Черт его знает, почему так показалось Забубенному, но он приблизился к воеводе черниговцев Боку и сказал:
– Темнит что-то рыцарь.
Между тем рыцарь просто молчал.
– Как его зовут, и что здесь делает рыцарь тевтонского ордена? – спросил монгольский хан через переводчика.
«Так это тевтонец, – подумал озадаченный механик, – а я-то никак вспомнить не мог, какие у них на бортах кресты, красные или черные. Получается черные».
Рыцарь медленно опустил свою белобрысую голову и перевел взгляд с неба на монгольского хана, сидевшего на лошади и возвышавшегося над ним, благодаря этому на добрых полтора метра. Словно вспоминая свое имя, рыцарь немного подумал и медленно, с расстановкой, проговорил одну длинную фразу на отрывистом немецком наречии. Григорий Забубенный, как ни напрягал память, ничего знакомого на слух не уловил.
– Его зовут Клаус фон Штир. Он рыцарь «ордена дома Святой Марии Тевтонской», – сообщил «венецианец», – находится в землях венгерского короля по личному поручению великого магистра ордена Германа фон Зальца.
– Каким поручением? – напрямую поинтересовался Тобчи, даже не пытаясь обмануть фон Штира и показать рыцарю, что ему абсолютно неинтересно, зачем он здесь оказался. Для монголов, славившихся своей хитростью, это было как-то слишком просто.
Забубенный даже удивился. «Да хрен он чего по своей воле скажет, – пронеслось в голове у механика, – по роже видно. Тут другими методами надо работать. С фашистами надо их же языком говорить. Гестаповским».
Однако Тобчи торопился снова выступить в поход. И теперь, после взятия замка, его ничто не задерживало. Только молчаливый тевтонский рыцарь.
– Этого тоже в обоз, – приказал, немного помедлив, монгольский военачальник, – Отвезем всех Субурхану. Там заговорят. А нам пора.
И соединенные русско-монгольские войска, перетряхнув замок от самого нижнего подземелья до самой высокой башни, и запалив его на прощанье, снова выступили в поход к лагерю Субурхана.

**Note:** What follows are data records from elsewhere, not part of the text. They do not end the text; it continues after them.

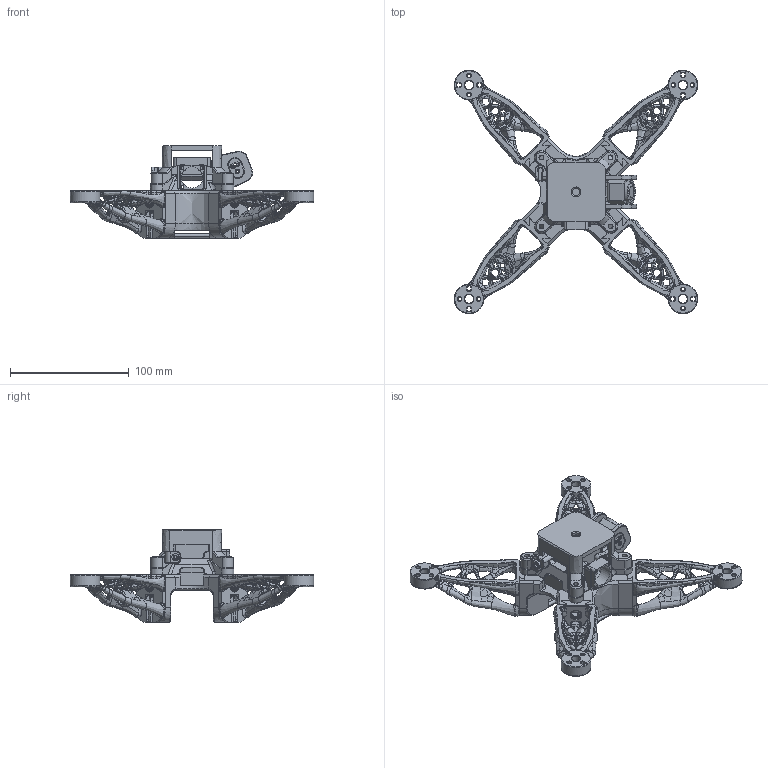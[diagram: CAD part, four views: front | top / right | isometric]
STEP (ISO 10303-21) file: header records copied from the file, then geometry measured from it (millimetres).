
FILE_DESCRIPTION(/* description */ ('STEP AP242','CAx-IF Rec.Pracs.---Representation and Presentation of Product Manufacturing Information (PMI)---4.0---2014-10-13','CAx-IF Rec.Pracs.---3D Tessellated Geometry---0.4---2014-09-14','2;1'),/* implementation_level */ '2;1');
FILE_NAME(/* name */ '65ea5f5a0d0b8418fca1da16',/* time_stamp */ '2024-03-08T00:44:15Z',/* author */ (''),/* organization */ (''),/* preprocessor_version */ 'ST-DEVELOPER v19.4',/* originating_system */ ' ',/* authorisation */ ' ');
FILE_SCHEMA (('AP242_MANAGED_MODEL_BASED_3D_ENGINEERING_MIM_LF { 1 0 10303 442 1 1 4 }'));
Products named in the file (14): Part 3; FusionComponent; Center_Frame_x1; Quad_Arm_x4; Part 4; Part 5; Part 6; Part 7; FPV_Hat_x1; Part 9; Part 10; Part 11
Bounding box: 205.2 x 205.2 x 78.3 mm (x, y, z)
Volume: 274274.7 mm3; surface area: 134642.5 mm2
Topology: 14 solids, 14 shells, 4032 faces, 10700 edges, 6476 vertices
Faces by surface type: bspline 2665, plane 809, cylinder 362, cone 183, torus 11, sphere 2
Full cylindrical faces by diameter (mm): 2 x11, 2.3 x2, 2.5 x6, 3 x15, 3.5 x1, 4 x13, 5 x5, 5.6 x4, 5.9 x4, 6 x5, 6.35 x1, 7.2 x4, 7.5 x4, 8 x4, 10 x4, 16.127 x1, 18 x1, 19.6 x1
Entity records: 359202 total; most frequent: CARTESIAN_POINT 283028, ORIENTED_EDGE 20854, EDGE_CURVE 10427, B_SPLINE_CURVE_WITH_KNOTS 7276, DIRECTION 6868, VERTEX_POINT 6425, EDGE_LOOP 4304, FACE_BOUND 4304
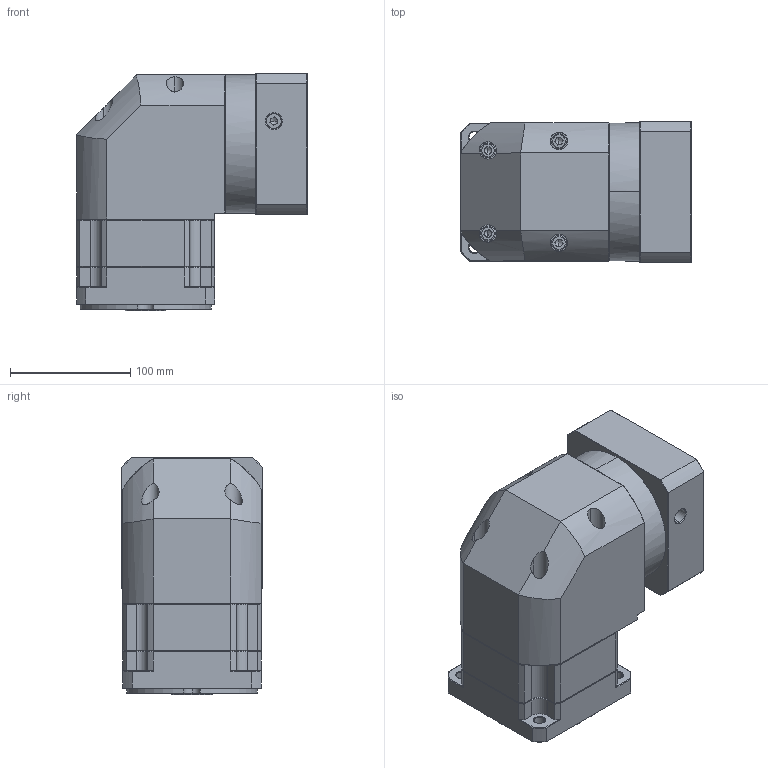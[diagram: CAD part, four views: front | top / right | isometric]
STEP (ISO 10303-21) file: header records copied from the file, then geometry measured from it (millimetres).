
FILE_DESCRIPTION (( 'STEP AP214' ), '1' );
FILE_NAME ('ZBR115A-K25-L1-P2-24-110-130-M8.step', '2023-08-26T12:42:41', ( '' ), ( '' ), 'SwSTEP 2.0', 'SolidWorks 2016', '' );
FILE_SCHEMA (( 'AUTOMOTIVE_DESIGN' ));
Length unit declared in the file: millimetre
Products named in the file (1): ZBR115A-K25-L1-P2-24-110-130-M8
Bounding box: 192.4 x 118 x 198 mm (x, y, z)
Volume: 2889727.9 mm3; surface area: 244495.1 mm2
Topology: 6 solids, 6 shells, 2324 faces, 6098 edges, 3878 vertices
Faces by surface type: plane 1132, bspline 415, cylinder 406, cone 363, torus 8
Entity records: 122699 total; most frequent: CARTESIAN_POINT 43239, ORIENTED_EDGE 12140, DIRECTION 9615, EDGE_CURVE 6070, LINE 3939, VECTOR 3939, VERTEX_POINT 3878, AXIS2_PLACEMENT_3D 2838

Время уже, по прикидкам великого чародея-механика, подходило к обеду. И Забубенный был бы не прочь перекусить хоть китайской лапшей, хоть холодной зайчатиной, но ему никто такой возможности не предоставил. Приходилось ждать до вечера. Поэтому Григорий взгромоздился на своего магического коня, тронул поводья и пристроился рядом с ханом Тобчи и его переводчиком-»венецианцем», который в своих одеждах смотрелся на лошади еще смешнее, чем пеший.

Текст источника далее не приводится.